Saturday, February 23, 2008

History in our Genes

Via the Wired Science Blog, I found this story about a study of variations in the human genome among different populations. While this has been done before, the new study shows how much data we can get just by looking at people's genes.

"The novel finding is the depth of the resolution we've gone to," said National Institutes of Health neurogeneticist Andrew Singleton, co-author of one of the papers in Nature. "This really lets you start moving towards locating individuals geographically. Previously, we've been able to look at the genome and say, 'This part is from Africa, this is from Asia.
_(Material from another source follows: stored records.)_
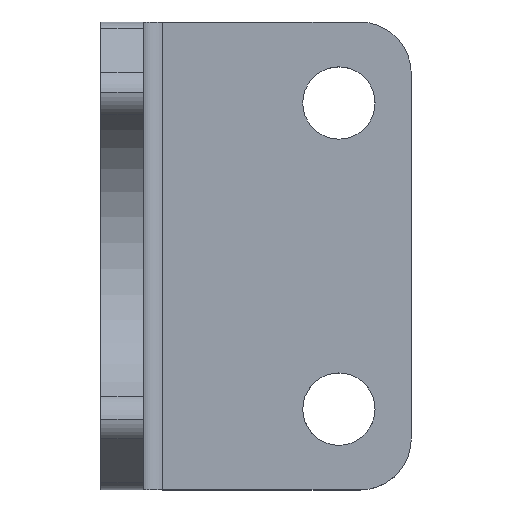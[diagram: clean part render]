
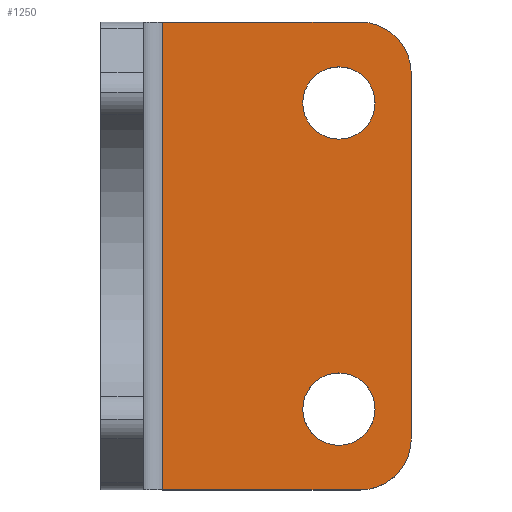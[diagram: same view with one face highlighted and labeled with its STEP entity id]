
A CAD part, top view. The second image highlights one B-rep face of the part: STEP entity #1250.
In plain terms, the highlighted planar face has unit normal (0, 0, 1).
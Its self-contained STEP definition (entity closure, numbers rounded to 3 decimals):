
#763=CARTESIAN_POINT('Vertex',(7.25,27.5,0.)) ;
#789=CARTESIAN_POINT('Vertex',(7.25,-27.5,0.)) ;
#844=CARTESIAN_POINT('Vertex',(23.75,18.,0.)) ;
#847=CARTESIAN_POINT('Axis2P3D Location',(28.,18.,0.)) ;
#851=CARTESIAN_POINT('Vertex',(28.,13.75,0.)) ;
#871=CARTESIAN_POINT('Axis2P3D Location',(28.,18.,0.)) ;
#875=CARTESIAN_POINT('Vertex',(28.,22.25,0.)) ;
#908=CARTESIAN_POINT('Vertex',(32.25,18.,0.)) ;
#911=CARTESIAN_POINT('Axis2P3D Location',(28.,18.,0.)) ;
#923=CARTESIAN_POINT('Axis2P3D Location',(28.,18.,0.)) ;
#945=CARTESIAN_POINT('Line Origine',(7.25,0.,0.)) ;
#962=CARTESIAN_POINT('Line Origine',(18.875,27.5,0.)) ;
#966=CARTESIAN_POINT('Vertex',(30.5,27.5,0.)) ;
#1006=CARTESIAN_POINT('Vertex',(36.5,21.5,0.)) ;
#1009=CARTESIAN_POINT('Line Origine',(36.5,0.,0.)) ;
#1013=CARTESIAN_POINT('Vertex',(36.5,-21.5,0.)) ;
#1044=CARTESIAN_POINT('Vertex',(30.5,-27.5,0.)) ;
#1047=CARTESIAN_POINT('Line Origine',(18.875,-27.5,0.)) ;
#1069=CARTESIAN_POINT('Axis2P3D Location',(30.5,21.5,0.)) ;
#1091=CARTESIAN_POINT('Axis2P3D Location',(30.5,-21.5,0.)) ;
#1108=CARTESIAN_POINT('Axis2P3D Location',(28.,-18.,0.)) ;
#1112=CARTESIAN_POINT('Vertex',(28.,-13.75,0.)) ;
#1114=CARTESIAN_POINT('Vertex',(23.75,-18.,0.)) ;
#1192=CARTESIAN_POINT('Vertex',(32.25,-18.,0.)) ;
#1195=CARTESIAN_POINT('Axis2P3D Location',(28.,-18.,0.)) ;
#1207=CARTESIAN_POINT('Axis2P3D Location',(0.,0.,0.)) ;
#1221=CARTESIAN_POINT('Control Point',(28.,-22.25,0.)) ;
#1222=CARTESIAN_POINT('Control Point',(29.335,-22.25,0.)) ;
#1223=CARTESIAN_POINT('Control Point',(30.672,-21.727,0.)) ;
#1224=CARTESIAN_POINT('Control Point',(31.727,-20.672,0.)) ;
#1225=CARTESIAN_POINT('Control Point',(32.25,-19.335,0.)) ;
#1226=CARTESIAN_POINT('Control Point',(32.25,-18.,0.)) ;
#1227=CARTESIAN_POINT('Vertex',(28.,-22.25,0.)) ;
#1231=CARTESIAN_POINT('Control Point',(23.75,-18.,0.)) ;
#1232=CARTESIAN_POINT('Control Point',(23.75,-19.335,0.)) ;
#1233=CARTESIAN_POINT('Control Point',(24.273,-20.672,0.)) ;
#1234=CARTESIAN_POINT('Control Point',(25.328,-21.727,0.)) ;
#1235=CARTESIAN_POINT('Control Point',(26.665,-22.25,0.)) ;
#1236=CARTESIAN_POINT('Control Point',(28.,-22.25,0.)) ;
#848=DIRECTION('Axis2P3D Direction',(0.,0.,1.)) ;
#872=DIRECTION('Axis2P3D Direction',(0.,0.,1.)) ;
#912=DIRECTION('Axis2P3D Direction',(0.,0.,1.)) ;
#924=DIRECTION('Axis2P3D Direction',(0.,0.,1.)) ;
#946=DIRECTION('Vector Direction',(0.,1.,0.)) ;
#963=DIRECTION('Vector Direction',(-1.,0.,0.)) ;
#1010=DIRECTION('Vector Direction',(0.,-1.,0.)) ;
#1048=DIRECTION('Vector Direction',(-1.,0.,0.)) ;
#1070=DIRECTION('Axis2P3D Direction',(0.,0.,1.)) ;
#1092=DIRECTION('Axis2P3D Direction',(0.,0.,1.)) ;
#1109=DIRECTION('Axis2P3D Direction',(0.,0.,1.)) ;
#1196=DIRECTION('Axis2P3D Direction',(0.,0.,1.)) ;
#1208=DIRECTION('Axis2P3D Direction',(0.,0.,1.)) ;
#1209=DIRECTION('Axis2P3D XDirection',(0.,-1.,0.)) ;
#849=AXIS2_PLACEMENT_3D('Circle Axis2P3D',#847,#848,$) ;
#873=AXIS2_PLACEMENT_3D('Circle Axis2P3D',#871,#872,$) ;
#913=AXIS2_PLACEMENT_3D('Circle Axis2P3D',#911,#912,$) ;
#925=AXIS2_PLACEMENT_3D('Circle Axis2P3D',#923,#924,$) ;
#1071=AXIS2_PLACEMENT_3D('Circle Axis2P3D',#1069,#1070,$) ;
#1093=AXIS2_PLACEMENT_3D('Circle Axis2P3D',#1091,#1092,$) ;
#1110=AXIS2_PLACEMENT_3D('Circle Axis2P3D',#1108,#1109,$) ;
#1197=AXIS2_PLACEMENT_3D('Circle Axis2P3D',#1195,#1196,$) ;
#1210=AXIS2_PLACEMENT_3D('Plane Axis2P3D',#1207,#1208,#1209) ;
#1213=ORIENTED_EDGE('',*,*,#949,.F.) ;
#1214=ORIENTED_EDGE('',*,*,#1051,.F.) ;
#1215=ORIENTED_EDGE('',*,*,#1095,.T.) ;
#1216=ORIENTED_EDGE('',*,*,#1015,.F.) ;
#1217=ORIENTED_EDGE('',*,*,#1073,.T.) ;
#1218=ORIENTED_EDGE('',*,*,#968,.T.) ;
#1239=ORIENTED_EDGE('',*,*,#1229,.F.) ;
#1240=ORIENTED_EDGE('',*,*,#1237,.F.) ;
#1241=ORIENTED_EDGE('',*,*,#1116,.F.) ;
#1242=ORIENTED_EDGE('',*,*,#1199,.F.) ;
#1245=ORIENTED_EDGE('',*,*,#927,.F.) ;
#1246=ORIENTED_EDGE('',*,*,#853,.F.) ;
#1247=ORIENTED_EDGE('',*,*,#877,.F.) ;
#1248=ORIENTED_EDGE('',*,*,#915,.F.) ;
#1243=FACE_BOUND('',#1238,.T.) ;
#1249=FACE_BOUND('',#1244,.T.) ;
#947=VECTOR('Line Direction',#946,1.) ;
#964=VECTOR('Line Direction',#963,1.) ;
#1011=VECTOR('Line Direction',#1010,1.) ;
#1049=VECTOR('Line Direction',#1048,1.) ;
#1250=ADVANCED_FACE('PartBody',(#1219,#1243,#1249),#1211,.T.) ;
#1220=B_SPLINE_CURVE_WITH_KNOTS('',5,(#1221,#1222,#1223,#1224,#1225,#1226),.UNSPECIFIED.,.F.,.U.,(6,6),(26.704,33.379),.UNSPECIFIED.) ;
#1230=B_SPLINE_CURVE_WITH_KNOTS('',5,(#1231,#1232,#1233,#1234,#1235,#1236),.UNSPECIFIED.,.F.,.U.,(6,6),(20.028,26.704),.UNSPECIFIED.) ;
#850=CIRCLE('generated circle',#849,4.25) ;
#874=CIRCLE('generated circle',#873,4.25) ;
#914=CIRCLE('generated circle',#913,4.25) ;
#926=CIRCLE('generated circle',#925,4.25) ;
#1072=CIRCLE('generated circle',#1071,6.) ;
#1094=CIRCLE('generated circle',#1093,6.) ;
#1111=CIRCLE('generated circle',#1110,4.25) ;
#1198=CIRCLE('generated circle',#1197,4.25) ;
#853=EDGE_CURVE('',#845,#852,#850,.T.) ;
#877=EDGE_CURVE('',#876,#845,#874,.T.) ;
#915=EDGE_CURVE('',#909,#876,#914,.T.) ;
#927=EDGE_CURVE('',#852,#909,#926,.T.) ;
#949=EDGE_CURVE('',#790,#764,#948,.T.) ;
#968=EDGE_CURVE('',#967,#764,#965,.T.) ;
#1015=EDGE_CURVE('',#1007,#1014,#1012,.T.) ;
#1051=EDGE_CURVE('',#1045,#790,#1050,.T.) ;
#1073=EDGE_CURVE('',#1007,#967,#1072,.T.) ;
#1095=EDGE_CURVE('',#1045,#1014,#1094,.T.) ;
#1116=EDGE_CURVE('',#1113,#1115,#1111,.T.) ;
#1199=EDGE_CURVE('',#1193,#1113,#1198,.T.) ;
#1229=EDGE_CURVE('',#1228,#1193,#1220,.T.) ;
#1237=EDGE_CURVE('',#1115,#1228,#1230,.T.) ;
#1212=EDGE_LOOP('',(#1213,#1214,#1215,#1216,#1217,#1218)) ;
#1238=EDGE_LOOP('',(#1239,#1240,#1241,#1242)) ;
#1244=EDGE_LOOP('',(#1245,#1246,#1247,#1248)) ;
#1219=FACE_OUTER_BOUND('',#1212,.T.) ;
#948=LINE('Line',#945,#947) ;
#965=LINE('Line',#962,#964) ;
#1012=LINE('Line',#1009,#1011) ;
#1050=LINE('Line',#1047,#1049) ;
#1211=PLANE('',#1210) ;
#764=VERTEX_POINT('',#763) ;
#790=VERTEX_POINT('',#789) ;
#845=VERTEX_POINT('',#844) ;
#852=VERTEX_POINT('',#851) ;
#876=VERTEX_POINT('',#875) ;
#909=VERTEX_POINT('',#908) ;
#967=VERTEX_POINT('',#966) ;
#1007=VERTEX_POINT('',#1006) ;
#1014=VERTEX_POINT('',#1013) ;
#1045=VERTEX_POINT('',#1044) ;
#1113=VERTEX_POINT('',#1112) ;
#1115=VERTEX_POINT('',#1114) ;
#1193=VERTEX_POINT('',#1192) ;
#1228=VERTEX_POINT('',#1227) ;
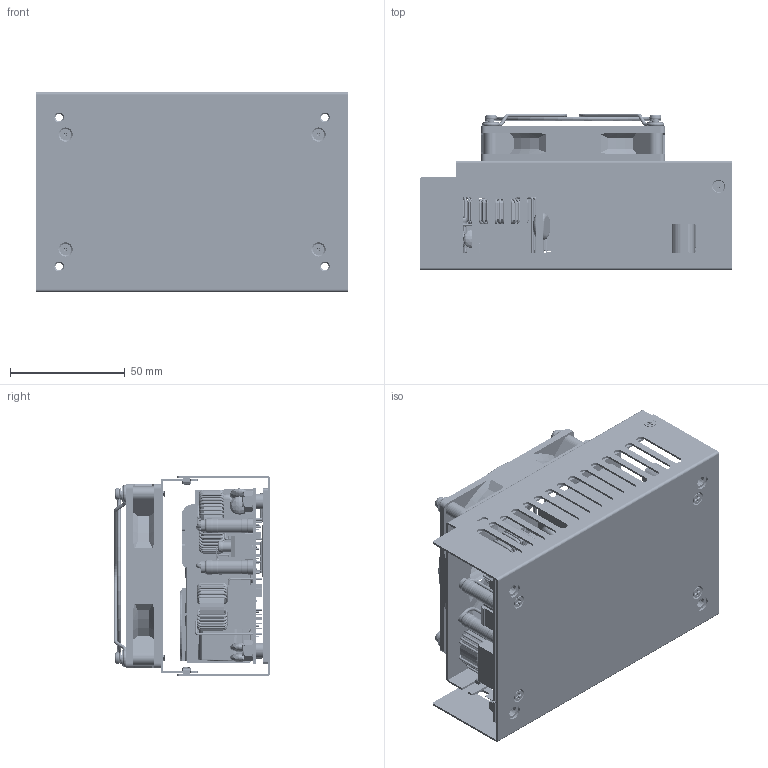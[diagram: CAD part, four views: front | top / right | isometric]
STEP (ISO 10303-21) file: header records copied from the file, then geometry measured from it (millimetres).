
FILE_DESCRIPTION (( 'STEP AP203' ), '1' );
FILE_NAME ('CFM600SXXXF ¦¨«~¹Ï-20260615.STEP', '2026-06-15T01:06:32', ( 'cincon' ), ( '' ), 'SwSTEP 2.0', 'SolidWorks 2020', '' );
FILE_SCHEMA (( 'CONFIG_CONTROL_DESIGN' ));
Length unit declared in the file: millimetre
Products named in the file (67): 6.4x11.6mm電容+熱縮套管-0514; 60QC06; CFM600S鋁板散熱片()(V1.0)-20250415; CFM500M LPF1 bobbin示意圖-10812; 螺母M5-1030904; 10x12.6mm電容; 6.4x12mm電容-0514; CFM600SXXX & CFM600SXXX-PC & CFM600SXXX-PM 成品圖-20260331_CFM600SXXXF&CFM600FXXX-PC ; OptoCoupler TLP521-2; CFM500M LPF1變壓器示意圖-10812; CFM600SXXXF ､pPCBA ｱｱ･d-1130624; CFM500M鋁板散熱片 G6612780421(M-B159-00-J)-1130621 未進V1.1版前請抓這個圖檔; 10x12.6mm電容+熱縮套管-0513; CFM500S-C風扇示意圖-1120725; CFM600S 絕緣片  G612917J204-1130430_成型; CFM500M 電感示意圖(02)-1081126; CFM500M Z1-10812; CFM500M T2變壓器 BASE-1081227; CFM500M變壓器A-1090513; PCB-58M4 KY PC板焊接端子2019.10.07; (參考)Header 1.27 Horizontal 6x-10812_切掉; CFM600SXXXF 上蓋(M-B138-P)G6690350414(V1.0)-1130730; CFM500M絕緣片C-N3-8 G612914D204 1091008_預設SM-FLAT-PATTERN; CFM600SXXXF ､pPCB ｱｱ･d-1130624; CFM500M絕緣片B單背黑色膠帶PET(TKB25)G612914C304-1090408_組裝模擬; CFM500M QE27  Core 示意圖-1081224 _加膠帶; CFM500M 3M 1350T-3膠帶C G6162000400-1090305; P1022-1x04RGF-110-G; CFM500M QE27  Core 示意圖-1081224 ; M3x3mm平頭十字螺絲 G75A3100982 G75A3100981(M-B062-S)V1.0-1110114; User Library-Feng SHan ZHao Zi 80X80-1; CFM500M C1 30.8x31.8mm電容; CFM300M六角銅柱M5-1040518; ¼uÂ®µØ¥q£X4.2(M-B057-00-S)G75M5950131; CFM500M RELAY1; Electrolitic Capacitor Radial (6.5X12); 4PIN插座; G7424006938 B2P3-VH 2PIN(3孔)插座示意圖-1130620; CFM500M C3-1090513; CFM500M CY1-1081223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
Assembly tree (102 placements, depth 5):
  CFM600SXXXF 成品圖-20260615
    CFM600SXXX & CFM600SXXX-PC & CFM600SXXX-PM 成品圖-20260331_CFM600SXXXF&CFM600FXXX-PC 
      CFM600S PCBA-20260331_使用於F版本
        CFM600S PCB-1130619
        CFM500M變壓器A-1090513
        CFM500M LPF1變壓器示意圖-10812
          CFM500M LPF1 bobbin示意圖-10812
          CFM500M QE27  Core 示意圖-1081224 
          CFM500M QE27  Core 示意圖-1081224 _加膠帶
        CFM500M LPF1變壓器示意圖-10812
          CFM500M LPF1 bobbin示意圖-10812
          CFM500M QE27  Core 示意圖-1081224 
          CFM500M QE27  Core 示意圖-1081224 _加膠帶
        CFM500M C1 30.8x31.8mm電容
        6.4x11.6mm電容+熱縮套管-0514  x2
        10x12.6mm電容+熱縮套管-0513  x2
        10x12.6mm電容  x3
        D4
        Electrolitic Capacitor Radial (6.5X12)
        CFM400M保險絲示意圖2021.03.12  x2
        CFM500M電阻示意圖  x2
        CFM500M RELAY1
        CFM500M C3-1090513
        CFM500M C61-1081223
        CFM600M 電感L2示意圖-20260331
        CFM500M 電感示意圖(02)-1081126
        G7424006938 B2P3-VH 2PIN(3孔)插座示意圖-1130620
        CFM500M T2變壓器 BASE-1081227
        CFM500M變壓器C-1090514
        60QC06
        PCB-58M4 KY PC板焊接端子2019.10.07  x2
        ¼uÂ®µØ¥q£X4.2(M-B057-00-S)G75M5950131  x2
        M4x6mm螺絲(M-B056-00-S)G75M3200121  x2
        CFM500M CY1-1081223  x4
        CFM500M Z1-10812
        CFM500M CY2-1061211
        OptoCoupler TLP521-2
        6.4x12mm電容-0514
        溫度開關(參考)-1090513
        (參考)Header 1.27 Horizontal 6x-10812_切掉  x2
        CFM500M絕緣片C-N3-8 G612914D204 1091008_預設SM-FLAT-PATTERN
        P1022-1x04RGF-110-G
      CFM600S ､pPCBA ｱｱ･d-1130619
        CFM600S ､pPCB ｱｱ･d-1130619
        OptoCoupler TLP521-2  x3
        CFM300M 6.4mm電容
        VR 3362W 
        CFM500M絕緣片B單背黑色膠帶PET(TKB25)G612914C304-1090408_組裝模擬
        b304f-12rgf-104-lx
      螺母M5-1030904  x4
      CFM500M鋁板散熱片 G6612780421(M-B159-00-J)-1130621 未進V1.1版前請抓這個圖檔
        CFM300M六角銅柱M5-1040518  x4
        CFM500M鋁板散熱片 G6612780421(M-B159-00-J)-1090423
      CFM600S 絕緣片  G612917J204-1130430_成型
      CFM600S 黃色絕緣膠帶 G6162005200-1130528
      CFM500M 3M 1350T-3膠帶A G6162000200-1090305
      CFM500M 3M 1350T-3膠帶C G6162000400-1090305
      CFM600SXXXF ､pPCBA ｱｱ･d-1130624
        CFM600SXXXF ､pPCB ｱｱ･d-1130624
        4PIN插座
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Bounding box: 136 x 68.1 x 87 mm (x, y, z)
Volume: 249942.7 mm3; surface area: 279934.4 mm2
Topology: 208 solids, 210 shells, 8212 faces, 21407 edges, 13765 vertices
Faces by surface type: plane 3415, cylinder 3022, torus 1023, bspline 385, cone 359, sphere 8
Entity records: 228495 total; most frequent: CARTESIAN_POINT 67484, DIRECTION 32810, ORIENTED_EDGE 32138, EDGE_CURVE 16069, AXIS2_PLACEMENT_3D 12263, VERTEX_POINT 10353, LINE 8284, VECTOR 8284

Now we can look past that and say, 'It's from this part of Africa or Eurasia.'"

Continued Singleton, "We can use these data to look at other areas of the genome that might have been under particular pressure for survival, and go from there to figuring out what the pressure is. One area that was highlighted was the genes responsible for digesting lactose. In countries where there's milk consumption, that one particular haplotype that allows more efficient lactose digestion has arisen."

They've not only been able to identify populations based on the genome alone, but they've also managed to model how humanity spread around the globe. Our history is encoded in our genes. How cool is that?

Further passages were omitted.